Eleven Stalwarts Honoured at Inaugural JARIA Awards


Reggae Month 2009 came to a pulsating climax with impressive performances by Freddie McGregor, Tanya Stephens, Lloyd Lovindeer, TOK and Professor Nuts, at the inaugural Jamaica Reggae Industry Association (JARIA) Honour Awards on Sunday (March 1).
In an atmosphere of glitz and glamour, 11 stalwarts of Jamaica’s music industry were honoured and celebrated, for their invaluable contribution to its development and international penetration.
Count Ossie and the Mystic Revelation of Rastafari (MRR) won the Lifetime Achievement Award, while Pam Hall and Dennis Brown were honorees in the artistes category.

Minister of Information, Culture, Youth and Sports, Olivia Grange, shares a special moment with the longest serving member of the Mystic Revelation of Rastafari, Brother Sam Clayton, at the inaugural Jamaica Reggae Industry Association (JARIA) Honour Awards, on March 1, at the Jamaica Pegasus Hotel, in Kingston. Count Ossie and the Mystic Revelation of Rastafari was the recipient of the Lifetime Achievement Award.
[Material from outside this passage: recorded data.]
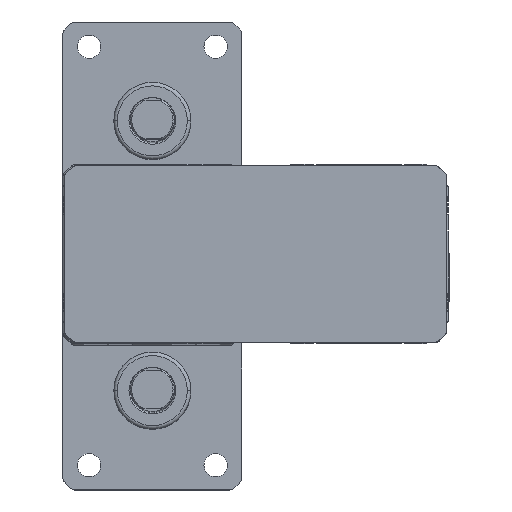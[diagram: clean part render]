
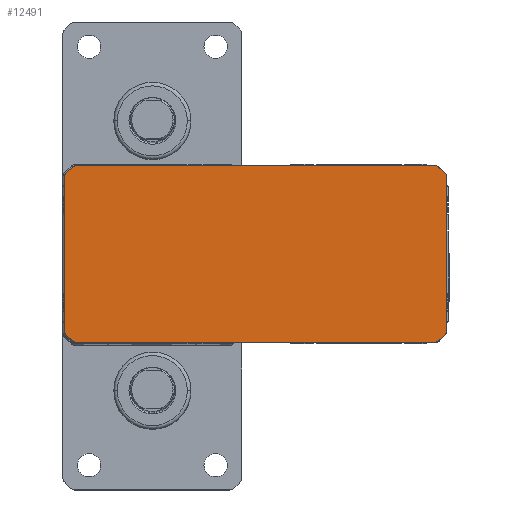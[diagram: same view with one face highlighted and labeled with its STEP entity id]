
A CAD part, top view. The second image highlights one B-rep face of the part: STEP entity #12491.
In plain terms, the highlighted planar face has unit normal (0, 0, 1).
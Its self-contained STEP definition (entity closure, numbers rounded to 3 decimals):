
#641 = AXIS2_PLACEMENT_3D ( 'NONE', #22445, #50591, #26502 ) ;
#1056 = VECTOR ( 'NONE', #10354, 1000. ) ;
#2250 = CARTESIAN_POINT ( 'NONE',  ( 106.561, 29.061, 394. ) ) ;
#2673 = VERTEX_POINT ( 'NONE', #32746 ) ;
#3091 = CIRCLE ( 'NONE', #15770, 1.5 ) ;
#3201 = VECTOR ( 'NONE', #41676, 1000. ) ;
#3464 = DIRECTION ( 'NONE',  ( 0., 0., 1. ) ) ;
#3830 = DIRECTION ( 'NONE',  ( 0.707, -0.707, 0. ) ) ;
#3931 = ORIENTED_EDGE ( 'NONE', *, *, #25409, .T. ) ;
#5383 = AXIS2_PLACEMENT_3D ( 'NONE', #22152, #50298, #26234 ) ;
#5854 = ORIENTED_EDGE ( 'NONE', *, *, #32356, .T. ) ;
#6275 = CARTESIAN_POINT ( 'NONE',  ( 103., 32., 394. ) ) ;
#6451 = ORIENTED_EDGE ( 'NONE', *, *, #12629, .T. ) ;
#7095 = ORIENTED_EDGE ( 'NONE', *, *, #15144, .T. ) ;
#7362 = CARTESIAN_POINT ( 'NONE',  ( -32., -28., 394. ) ) ;
#7445 = EDGE_CURVE ( 'NONE', #18014, #50465, #28595, .T. ) ;
#7728 = CARTESIAN_POINT ( 'NONE',  ( -31.561, 29.061, 394. ) ) ;
#8241 = ORIENTED_EDGE ( 'NONE', *, *, #44780, .T. ) ;
#8402 = AXIS2_PLACEMENT_3D ( 'NONE', #14969, #43076, #19044 ) ;
#9146 = EDGE_CURVE ( 'NONE', #46970, #28711, #52319, .T. ) ;
#9854 = AXIS2_PLACEMENT_3D ( 'NONE', #20894, #49007, #24945 ) ;
#10354 = DIRECTION ( 'NONE',  ( -1., 0., 0. ) ) ;
#10468 = CARTESIAN_POINT ( 'NONE',  ( 105.5, 28., 394. ) ) ;
#10524 = VERTEX_POINT ( 'NONE', #2250 ) ;
#10928 = PLANE ( 'NONE',  #48898 ) ;
#11614 = AXIS2_PLACEMENT_3D ( 'NONE', #10468, #38649, #14599 ) ;
#12034 = ORIENTED_EDGE ( 'NONE', *, *, #28198, .T. ) ;
#12215 = CIRCLE ( 'NONE', #5383, 1.5 ) ;
#12491 = ADVANCED_FACE ( 'NONE', ( #21320 ), #10928, .T. ) ;
#12629 = EDGE_CURVE ( 'NONE', #24261, #33317, #48345, .T. ) ;
#13810 = CARTESIAN_POINT ( 'NONE',  ( -32., 28., 394. ) ) ;
#13908 = CARTESIAN_POINT ( 'NONE',  ( 103., -32., 394. ) ) ;
#13919 = EDGE_CURVE ( 'NONE', #35389, #47383, #45641, .T. ) ;
#13984 = CARTESIAN_POINT ( 'NONE',  ( 104.061, -31.561, 394. ) ) ;
#14434 = ORIENTED_EDGE ( 'NONE', *, *, #44784, .T. ) ;
#14599 = DIRECTION ( 'NONE',  ( 1., 0., 0. ) ) ;
#14969 = CARTESIAN_POINT ( 'NONE',  ( 103., -30.5, 394. ) ) ;
#15060 = DIRECTION ( 'NONE',  ( 0., 0., 1. ) ) ;
#15144 = EDGE_CURVE ( 'NONE', #33317, #46970, #12215, .T. ) ;
#15578 = CARTESIAN_POINT ( 'NONE',  ( 104.061, 31.561, 394. ) ) ;
#15770 = AXIS2_PLACEMENT_3D ( 'NONE', #42432, #18402, #46497 ) ;
#16220 = EDGE_CURVE ( 'NONE', #18467, #18014, #35417, .T. ) ;
#16507 = ORIENTED_EDGE ( 'NONE', *, *, #16220, .T. ) ;
#17431 = CARTESIAN_POINT ( 'NONE',  ( 107., 28., 394. ) ) ;
#18014 = VERTEX_POINT ( 'NONE', #38778 ) ;
#18326 = CARTESIAN_POINT ( 'NONE',  ( 107., -28., 394. ) ) ;
#18402 = DIRECTION ( 'NONE',  ( 0., 0., 1. ) ) ;
#18467 = VERTEX_POINT ( 'NONE', #13984 ) ;
#18960 = CIRCLE ( 'NONE', #641, 1.5 ) ;
#19044 = DIRECTION ( 'NONE',  ( 1., 0., 0. ) ) ;
#19154 = ORIENTED_EDGE ( 'NONE', *, *, #13919, .T. ) ;
#19340 = VECTOR ( 'NONE', #36817, 1000. ) ;
#19927 = CIRCLE ( 'NONE', #47703, 1.5 ) ;
#20202 = VECTOR ( 'NONE', #34074, 1000. ) ;
#20894 = CARTESIAN_POINT ( 'NONE',  ( -30.5, 28., 394. ) ) ;
#21320 = FACE_OUTER_BOUND ( 'NONE', #31103, .T. ) ;
#21771 = CARTESIAN_POINT ( 'NONE',  ( -28., 32., 394. ) ) ;
#22146 = CARTESIAN_POINT ( 'NONE',  ( 103., 32., 394. ) ) ;
#22152 = CARTESIAN_POINT ( 'NONE',  ( -28., -30.5, 394. ) ) ;
#22445 = CARTESIAN_POINT ( 'NONE',  ( -28., 30.5, 394. ) ) ;
#22847 = CIRCLE ( 'NONE', #11614, 1.5 ) ;
#23815 = VERTEX_POINT ( 'NONE', #7728 ) ;
#24017 = EDGE_CURVE ( 'NONE', #2673, #23815, #42485, .T. ) ;
#24261 = VERTEX_POINT ( 'NONE', #42581 ) ;
#24815 = CARTESIAN_POINT ( 'NONE',  ( -28., -32., 394. ) ) ;
#24945 = DIRECTION ( 'NONE',  ( 1., 0., 0. ) ) ;
#25409 = EDGE_CURVE ( 'NONE', #41121, #10524, #22847, .T. ) ;
#25581 = CARTESIAN_POINT ( 'NONE',  ( 104.061, -31.561, 394. ) ) ;
#26234 = DIRECTION ( 'NONE',  ( 1., 0., 0. ) ) ;
#26432 = EDGE_CURVE ( 'NONE', #47383, #24261, #3091, .T. ) ;
#26502 = DIRECTION ( 'NONE',  ( 1., 0., 0. ) ) ;
#27557 = VERTEX_POINT ( 'NONE', #22146 ) ;
#27716 = CARTESIAN_POINT ( 'NONE',  ( 103., 30.5, 394. ) ) ;
#28095 = CARTESIAN_POINT ( 'NONE',  ( -31.561, -29.061, 394. ) ) ;
#28159 = LINE ( 'NONE', #18326, #49551 ) ;
#28198 = EDGE_CURVE ( 'NONE', #27557, #49026, #33335, .T. ) ;
#28595 = CIRCLE ( 'NONE', #46411, 1.5 ) ;
#28711 = VERTEX_POINT ( 'NONE', #13908 ) ;
#30066 = CIRCLE ( 'NONE', #9854, 1.5 ) ;
#30589 = CARTESIAN_POINT ( 'NONE',  ( -32., 28., 394. ) ) ;
#31103 = EDGE_LOOP ( 'NONE', ( #42040, #6451, #7095, #35356, #50070, #16507, #34613, #31400, #3931, #8241, #50475, #12034, #5854, #34156, #14434, #19154 ) ) ;
#31400 = ORIENTED_EDGE ( 'NONE', *, *, #52216, .T. ) ;
#31783 = DIRECTION ( 'NONE',  ( 1., 0., 0. ) ) ;
#32356 = EDGE_CURVE ( 'NONE', #49026, #2673, #18960, .T. ) ;
#32730 = CARTESIAN_POINT ( 'NONE',  ( -29.061, -31.561, 394. ) ) ;
#32746 = CARTESIAN_POINT ( 'NONE',  ( -29.061, 31.561, 394. ) ) ;
#32847 = CARTESIAN_POINT ( 'NONE',  ( 106.561, 29.061, 394. ) ) ;
#33317 = VERTEX_POINT ( 'NONE', #32730 ) ;
#33335 = LINE ( 'NONE', #6275, #1056 ) ;
#33737 = VECTOR ( 'NONE', #50087, 1000. ) ;
#34074 = DIRECTION ( 'NONE',  ( 1., 0., 0. ) ) ;
#34156 = ORIENTED_EDGE ( 'NONE', *, *, #24017, .T. ) ;
#34613 = ORIENTED_EDGE ( 'NONE', *, *, #7445, .T. ) ;
#34803 = CARTESIAN_POINT ( 'NONE',  ( -28., -32., 394. ) ) ;
#35100 = CARTESIAN_POINT ( 'NONE',  ( -30.5, -28., 394. ) ) ;
#35352 = DIRECTION ( 'NONE',  ( 1., 0., 0. ) ) ;
#35356 = ORIENTED_EDGE ( 'NONE', *, *, #9146, .T. ) ;
#35389 = VERTEX_POINT ( 'NONE', #30589 ) ;
#35417 = LINE ( 'NONE', #25581, #3201 ) ;
#35528 = DIRECTION ( 'NONE',  ( 0., 0., 1. ) ) ;
#36332 = VECTOR ( 'NONE', #3830, 1000. ) ;
#36444 = EDGE_CURVE ( 'NONE', #40617, #27557, #19927, .T. ) ;
#36817 = DIRECTION ( 'NONE',  ( -0.707, 0.707, 0. ) ) ;
#37468 = CARTESIAN_POINT ( 'NONE',  ( 105.5, -28., 394. ) ) ;
#38649 = DIRECTION ( 'NONE',  ( 0., 0., 1. ) ) ;
#38778 = CARTESIAN_POINT ( 'NONE',  ( 106.561, -29.061, 394. ) ) ;
#39467 = CARTESIAN_POINT ( 'NONE',  ( 107., -28., 394. ) ) ;
#39959 = VECTOR ( 'NONE', #45076, 1000. ) ;
#40617 = VERTEX_POINT ( 'NONE', #15578 ) ;
#41121 = VERTEX_POINT ( 'NONE', #17431 ) ;
#41676 = DIRECTION ( 'NONE',  ( 0.707, 0.707, 0. ) ) ;
#42040 = ORIENTED_EDGE ( 'NONE', *, *, #26432, .T. ) ;
#42432 = CARTESIAN_POINT ( 'NONE',  ( -30.5, -28., 394. ) ) ;
#42485 = LINE ( 'NONE', #49170, #39959 ) ;
#42581 = CARTESIAN_POINT ( 'NONE',  ( -31.561, -29.061, 394. ) ) ;
#43076 = DIRECTION ( 'NONE',  ( 0., 0., 1. ) ) ;
#43173 = DIRECTION ( 'NONE',  ( 1., 0., 0. ) ) ;
#44035 = CIRCLE ( 'NONE', #8402, 1.5 ) ;
#44780 = EDGE_CURVE ( 'NONE', #10524, #40617, #51444, .T. ) ;
#44784 = EDGE_CURVE ( 'NONE', #23815, #35389, #30066, .T. ) ;
#45076 = DIRECTION ( 'NONE',  ( -0.707, -0.707, 0. ) ) ;
#45641 = LINE ( 'NONE', #13810, #33737 ) ;
#46411 = AXIS2_PLACEMENT_3D ( 'NONE', #37468, #35528, #35352 ) ;
#46420 = DIRECTION ( 'NONE',  ( 0., 1., 0. ) ) ;
#46497 = DIRECTION ( 'NONE',  ( 1., 0., 0. ) ) ;
#46970 = VERTEX_POINT ( 'NONE', #24815 ) ;
#47383 = VERTEX_POINT ( 'NONE', #7362 ) ;
#47703 = AXIS2_PLACEMENT_3D ( 'NONE', #27716, #3464, #31783 ) ;
#48345 = LINE ( 'NONE', #28095, #36332 ) ;
#48898 = AXIS2_PLACEMENT_3D ( 'NONE', #35100, #15060, #43173 ) ;
#49007 = DIRECTION ( 'NONE',  ( 0., 0., 1. ) ) ;
#49026 = VERTEX_POINT ( 'NONE', #21771 ) ;
#49170 = CARTESIAN_POINT ( 'NONE',  ( -29.061, 31.561, 394. ) ) ;
#49551 = VECTOR ( 'NONE', #46420, 1000. ) ;
#49763 = EDGE_CURVE ( 'NONE', #28711, #18467, #44035, .T. ) ;
#50070 = ORIENTED_EDGE ( 'NONE', *, *, #49763, .T. ) ;
#50087 = DIRECTION ( 'NONE',  ( 0., -1., 0. ) ) ;
#50298 = DIRECTION ( 'NONE',  ( 0., 0., 1. ) ) ;
#50465 = VERTEX_POINT ( 'NONE', #39467 ) ;
#50475 = ORIENTED_EDGE ( 'NONE', *, *, #36444, .T. ) ;
#50591 = DIRECTION ( 'NONE',  ( 0., 0., 1. ) ) ;
#51444 = LINE ( 'NONE', #32847, #19340 ) ;
#52216 = EDGE_CURVE ( 'NONE', #50465, #41121, #28159, .T. ) ;
#52319 = LINE ( 'NONE', #34803, #20202 ) ;

Syd Bucknor and Sylvan Morris, who worked with greats including the late Bob Marley, the Wailers and Lee ‘Scratch’ Perry, were the honoured as engineers; Leslie Kong and Sonia Pottinger as producers; King Tubby’s and Jah Love Music, as sound systems; and Lennie Hibbert and Ansell Collins as musicians.
Minister of Information, Culture, Youth and Sports, Olivia ‘Babsy’ Grange, thanked the honorees and their representatives, and described the awards as a “giant step for the music industry in Jamaica.”
“This is an occasion when you are honoured, not because you are popular but, because you are the music, you have laid the foundation and you have paid your dues,” she said.
The Minister also used the occasion to encourage members of the music fraternity to join JARIA, which was also officially launched at the ceremony.
“I am saying to all of you, get on board and get involved in this organisation, make it work. There are a lot of opportunities if you are a part of an organisation: there is international funding, there is help with capacity building, there are partnerships, there are all kinds of awesome possibilities. We have a reputation of not keeping it together, but I am hoping that this time around we will,” she said.
Reflecting on Reggae Month 2009, Miss Grange told JIS News that it went well.
“It was not a month where we just talked about celebration. It was a month where we tried to put structures in place to consolidate our gains over the years, and to make sure we were poised to take on the rest of the world,” she said.
The Jamaica Reggae Industry Association (JARIA), a non-governmental, non-profit organisation was conceptualised and given the task of organising events for Reggae Month 2009.
The main objective of JARIA is to reposition Jamaica at the centre of the global Reggae movement and culture.